Para María esta noticia fue un golpe, el más doloroso de su vida, se había hecho la ilusión de vivir allí con él, cuidándolo y dejándose cuidar; pero claro, las personas como ella no pueden tener ilusiones.
Decidió agradecerle de alguna manera, compensarlo por lo que había hecho por ella y la única forma que conocía era ofreciéndole su cuerpo, ese rato de pasión que parecía conformar a los hombres. Pedro se resistió al principio, pero María era una hermosa chica y el olor a jabón en su piel derribaron pronto las barreras. Amanecieron abrazados y rodeados de los perfumes del amor.

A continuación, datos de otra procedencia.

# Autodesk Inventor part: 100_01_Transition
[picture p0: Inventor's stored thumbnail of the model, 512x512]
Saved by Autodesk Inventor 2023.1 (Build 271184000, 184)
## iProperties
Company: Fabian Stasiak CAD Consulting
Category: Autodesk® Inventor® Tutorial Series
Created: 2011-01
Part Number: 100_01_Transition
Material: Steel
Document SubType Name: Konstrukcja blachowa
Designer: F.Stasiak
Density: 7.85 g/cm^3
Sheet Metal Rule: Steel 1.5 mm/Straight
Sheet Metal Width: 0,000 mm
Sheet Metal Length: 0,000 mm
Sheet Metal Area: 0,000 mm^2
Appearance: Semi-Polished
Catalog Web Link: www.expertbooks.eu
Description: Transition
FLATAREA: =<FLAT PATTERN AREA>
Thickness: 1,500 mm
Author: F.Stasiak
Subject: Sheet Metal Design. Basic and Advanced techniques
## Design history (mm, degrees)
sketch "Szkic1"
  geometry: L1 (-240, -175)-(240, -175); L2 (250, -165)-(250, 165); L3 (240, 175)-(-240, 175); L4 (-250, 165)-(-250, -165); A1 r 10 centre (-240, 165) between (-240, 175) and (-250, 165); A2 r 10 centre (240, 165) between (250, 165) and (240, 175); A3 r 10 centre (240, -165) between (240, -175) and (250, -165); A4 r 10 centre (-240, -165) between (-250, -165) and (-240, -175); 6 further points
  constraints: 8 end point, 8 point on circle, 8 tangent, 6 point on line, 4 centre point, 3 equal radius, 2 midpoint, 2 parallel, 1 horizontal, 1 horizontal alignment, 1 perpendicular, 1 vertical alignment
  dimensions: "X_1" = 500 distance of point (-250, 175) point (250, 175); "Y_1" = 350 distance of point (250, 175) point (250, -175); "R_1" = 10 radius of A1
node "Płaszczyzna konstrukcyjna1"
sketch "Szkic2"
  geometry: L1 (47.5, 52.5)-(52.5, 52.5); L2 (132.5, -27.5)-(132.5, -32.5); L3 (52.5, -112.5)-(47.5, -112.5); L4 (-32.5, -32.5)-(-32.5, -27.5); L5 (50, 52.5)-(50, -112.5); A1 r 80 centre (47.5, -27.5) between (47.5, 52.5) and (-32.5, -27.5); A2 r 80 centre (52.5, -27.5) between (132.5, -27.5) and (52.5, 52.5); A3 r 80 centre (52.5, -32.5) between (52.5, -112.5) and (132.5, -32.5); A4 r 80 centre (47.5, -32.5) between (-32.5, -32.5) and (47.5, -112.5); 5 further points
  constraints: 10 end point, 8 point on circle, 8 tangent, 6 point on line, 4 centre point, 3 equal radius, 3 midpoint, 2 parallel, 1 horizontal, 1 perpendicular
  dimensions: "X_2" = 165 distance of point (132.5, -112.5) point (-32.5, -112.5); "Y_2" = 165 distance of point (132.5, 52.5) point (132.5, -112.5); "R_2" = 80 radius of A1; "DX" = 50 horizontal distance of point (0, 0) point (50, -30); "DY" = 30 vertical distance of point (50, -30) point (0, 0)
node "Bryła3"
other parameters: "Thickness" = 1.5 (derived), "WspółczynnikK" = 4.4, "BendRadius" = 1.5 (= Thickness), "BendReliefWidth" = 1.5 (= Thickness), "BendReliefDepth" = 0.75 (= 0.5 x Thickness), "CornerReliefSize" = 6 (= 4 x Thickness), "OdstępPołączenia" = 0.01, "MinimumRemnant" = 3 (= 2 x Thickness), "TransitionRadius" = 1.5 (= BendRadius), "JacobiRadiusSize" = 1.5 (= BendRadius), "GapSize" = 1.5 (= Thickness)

Ella volvió a la calle y a todo lo demás, tan común y repulsivo como siempre. Se veían por las noches en la plaza, pero la relación ya no fue la misma, lo sentía distante y callado.
Dos meses después María comenzó a sentirse mal por las mañanas y haciendo memoria cayó en la cuenta de que no había vuelto a tener su período. Se lo comentó a una vieja puta que conocía de la calle y la mujer le prestó dinero para que se comprara un test de embarazo. Positivo.
La alegría la embargó y la ansiedad por contárselo a Pedro la mantuvo en el aire todo el día. Era de él, no podía ser de otro. Esa noche lo llevó aparte del grupo y entre risas y lágrimas se lo contó. Pedro solo la miró, sin ninguna expresión o sentimiento y sin decir nada, se fue.
Tres días después volvió a la plaza y le dijo que estaba todo arreglado, había conseguido el dinero y el lugar donde le harían el aborto. Ella no entendía, le dijo que no quería, que entre los dos podían cuidar al bebe, que saldría de la calle, él le había prometido otro trabajo, haría cualquier cosa. Pedro respondió que él sería sacerdote y no podía tener hijos ni mujer, no había más que hablar.
El odio comenzó a invadir a María. Lo sentía crecer en su interior como una espuma ácida que comenzaba en su estómago y terminaba en su garganta. Su mente empezó a tramar una simple y mortal telaraña. Un cuchillo robado de un bar y mucho dolor la acompañaron aquella noche cuando entró con la suavidad de un gato a la pensión.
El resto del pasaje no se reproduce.